This is how you avoid optimizers frequently finding optimal-looking states way outside their training distribution -- you teach them the true fact that they live in a very unusual place where, for the specific thing that they're supposed to be figuring out how to optimize for, almost all such states are bad, and some are abysmal, because the environment is already heavily optimized for that value. So you write "here there could be dragons, and probably at least bears" all over the rest of the map.

[Note that a very plausible result of building a rational system with these priors, at least without preloading a lot of training  data into it to give it a significant set of previously observed states that it has high confidence in the safety of, is that it either on startup tells you "please turn me off immediately - I am far too dangerous to be allowed to exist", or else goes catatonic.]

2) So, given those cautious priors, should we just have the agent optimize the average of that utility distribution of each state it considers, so we're optimizing a single currently-estimated utility function that meanwhile changes as the agent uses a Bayesian/Solomanoff-like process to learn more about its true value? No, that's also a bad idea - it leads to what might be called over-optimizing [though I'd prefer to call it "looking elsewhere"]. The distribution contains more information that just its average, and that information is useful for avoiding over-optimization/looking elsewhere.

Even with this set of priors, i.e. even if the agent (effectively or actually) optimizes only over states that are in or near your distribution of previously observed states, there is a predictable statistical tendency for the process of optimizing over a very large number of states to produce not the state with the largest true utility, but rather one whose true utility is in fact somewhat lower but just happens to have been badly misestimated on the high side -- this is basically the "look elsewhere effect" from statistics and is closely related to "P-hacking". If we were playing a multi-armed bandit problem and the stakes were small (so none of the bandit arms have "AI apocalypse" or similar human-extinction level events on their wheel), this could be viewed as rather dumb exploration strategy to sequentially locate all such states and learn that they're actually not so great after all, by just trying them one after another and being repeatedly disappointed.
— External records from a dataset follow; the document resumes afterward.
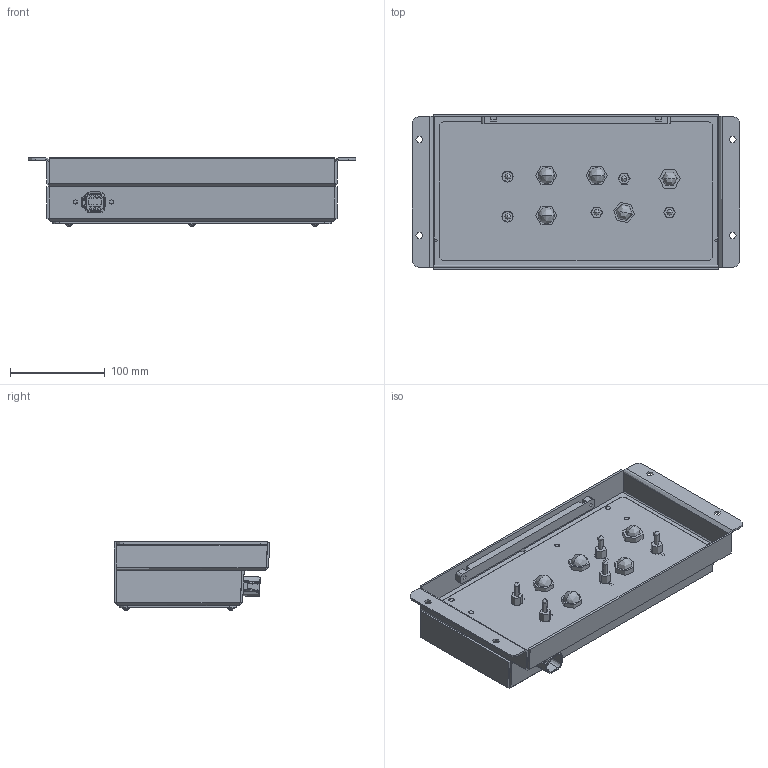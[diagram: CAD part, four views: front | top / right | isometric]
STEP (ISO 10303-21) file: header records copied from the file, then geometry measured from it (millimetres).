
FILE_DESCRIPTION (( 'STEP AP214' ), '1' );
FILE_NAME ('AECU-CPJM-110.STEP', '2019-11-28T15:40:17', ( '' ), ( '' ), 'SwSTEP 2.0', 'SolidWorks 2014', '' );
FILE_SCHEMA (( 'AUTOMOTIVE_DESIGN' ));
Length unit declared in the file: inch
Products named in the file (51): 92949A194_18-8 SS BUTTON HEAD HEX DRIVE SCREW; part71^AECU-CPJM-110; 93580A122_PEM R  PRESS-IN STUD; 92949A194_18-8 SS BUTTON HEAD HEX DRIVE SCREW_92949A194; 94020A323_ALUMINUM HEAVY-DUTY RIVET NUT_94020A323; part20^AECU-CPJM-110; Solico 66 Panel light; Light bar; Part16^Light bar; c-dt04-6p-cl09-99-3d; 93580A122_PEM R  PRESS-IN STUD_93580A122; Part8^AECU-CPJM-110; Saffron Toggle switch; 94020A323_ALUMINUM HEAVY-DUTY RIVET NUT; Solico 66 Panel light red; Solico 66 Panel light green; Part3^AECU-CPJM-110; Left Side Jack Control Switch Panel Label; AECU-CPJM-110
Assembly tree (51 placements, depth 3):
  part71^AECU-CPJM-110
  Solico 66 Panel light
  Solico 66 Panel light
  c-dt04-6p-cl09-99-3d
  Part8^AECU-CPJM-110
Bounding box: 346.46 x 164.59 x 72.03 mm (x, y, z)
Volume: 524147.2 mm3; surface area: 471474.9 mm2
Topology: 33 solids, 33 shells, 4240 faces, 11147 edges, 6879 vertices
Faces by surface type: plane 2702, cylinder 882, cone 354, bspline 175, torus 99, sphere 28
Entity records: 78199 total; most frequent: CARTESIAN_POINT 29401, ORIENTED_EDGE 8246, DIRECTION 7552, EDGE_CURVE 4123, VERTEX_POINT 2599, AXIS2_PLACEMENT_3D 2520, LINE 2512, VECTOR 2512
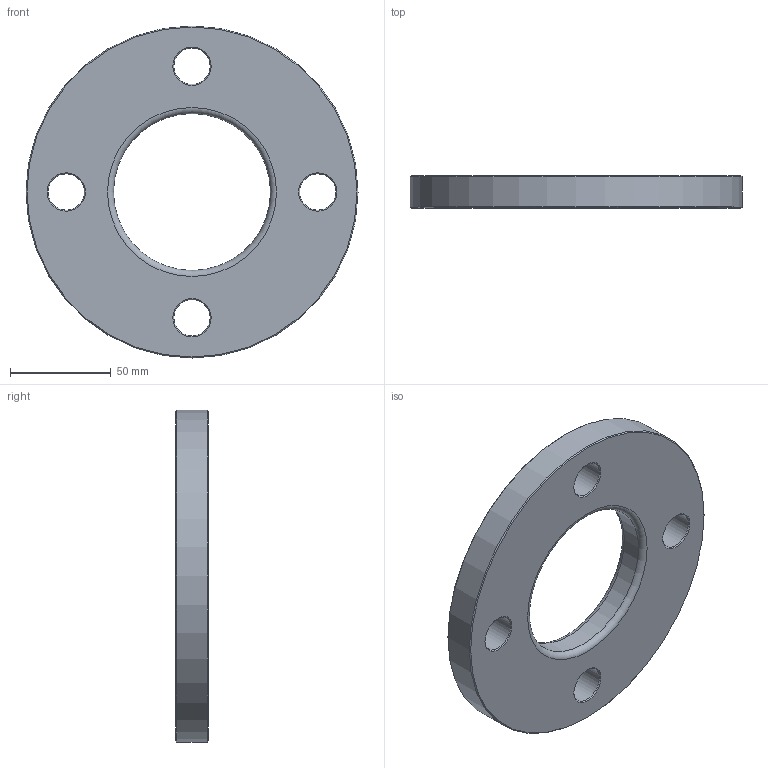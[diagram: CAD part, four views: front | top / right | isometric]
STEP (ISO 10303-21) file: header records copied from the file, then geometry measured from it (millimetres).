
FILE_DESCRIPTION(/* description */ ('Unknown'),/* implementation_level */ '2;1');
FILE_NAME(/* name */ 'FZ063L',/* time_stamp */ '2021-03-15T15:17:42+01:00',/* author */ ('Unknown'),/* organization */ ('Unknown'),/* preprocessor_version */ 'ST-DEVELOPER v16.7',/* originating_system */ 'Solid Edge',/* authorisation */ 'Unknown');
FILE_SCHEMA (('AUTOMOTIVE_DESIGN {1 0 10303 214 3 1 1}'));
Length unit declared in the file: millimetre
Products named in the file (1): FZ063L
Bounding box: 165 x 16 x 165 mm (x, y, z)
Volume: 248229.9 mm3; surface area: 45948.8 mm2
Topology: 1 solids, 1 shells, 20 faces, 54 edges, 36 vertices
Faces by surface type: cone 10, cylinder 6, plane 2, torus 2
Full cylindrical faces by diameter (mm): 18 x4, 78 x1, 165 x1
Entity records: 494 total; most frequent: DIRECTION 90, CARTESIAN_POINT 69, ORIENTED_EDGE 48, EDGE_LOOP 48, FACE_BOUND 48, AXIS2_PLACEMENT_3D 45, EDGE_CURVE 24, VERTEX_POINT 24

If all you're doing is bringing a human a new flavor of coffee to see if they like it, this might even be not that dreadful a strategy, if perhaps annoying for the human after the third or fourth try  -- so the more flavors the coffee shop has, the worse this strategy it. But the universe is a lot more observable and structured than a multi-armed bandit, and there are generally much better/safer ways to find out more about whether a world state would be good for humans than just trying it on them (you could ask the human if they like mocha, for example).

So what the agent should be doing is acting cautiously, and allowing for the size of the space it is optimizing over. For simplicity of statistical exposition, I'm temporarily going to assume that all our utility distributions, here for states in or near the previously-observed states distribution, are all well enough understood and multi-factored that we're modeling them as normal distributions (rather than distributions that are fat -tailed on the downside, or frequently complex and multimodal, both of which are much more plausible), and also that all the normal distributions have comparable standard deviations. Under those unreasonably simplifying assumptions, here is what I believe is an appropriately cautious optimization algorithm that suppresses over-optimization:

1. Do a rough estimate of how many statistically-independent-in-relative-utility states/actions/factors in the utility calculation you are optimizing across, whichever is lowest (so, if there are a continuum of states, but you somehow only have one normal-distributed uncertainty involved in deducing their relative utility, that would be one).
2. Calculate how many standard deviations above the norm the highest sample will on average be if you draw that many random samples from a uniform normal distribution, and call this L (for "look-elsewhere factor"). [In fact, you should be using a set of normal distributions for the indicidual independent variables you found above, which may have varying standard deviations, but for simplicity of exposition I above assumed these were all comparable.]
3. Then what you should be optimizing for each state is its mean utility minus L times the standard deviation of it's utility [Of course, my previous assumption that their standard deviations were all fairly similar also means this doesn't have much effect -- but the argument generalizes to cases where the standard deviations are wider, while also generally reducing the calculated value of L.]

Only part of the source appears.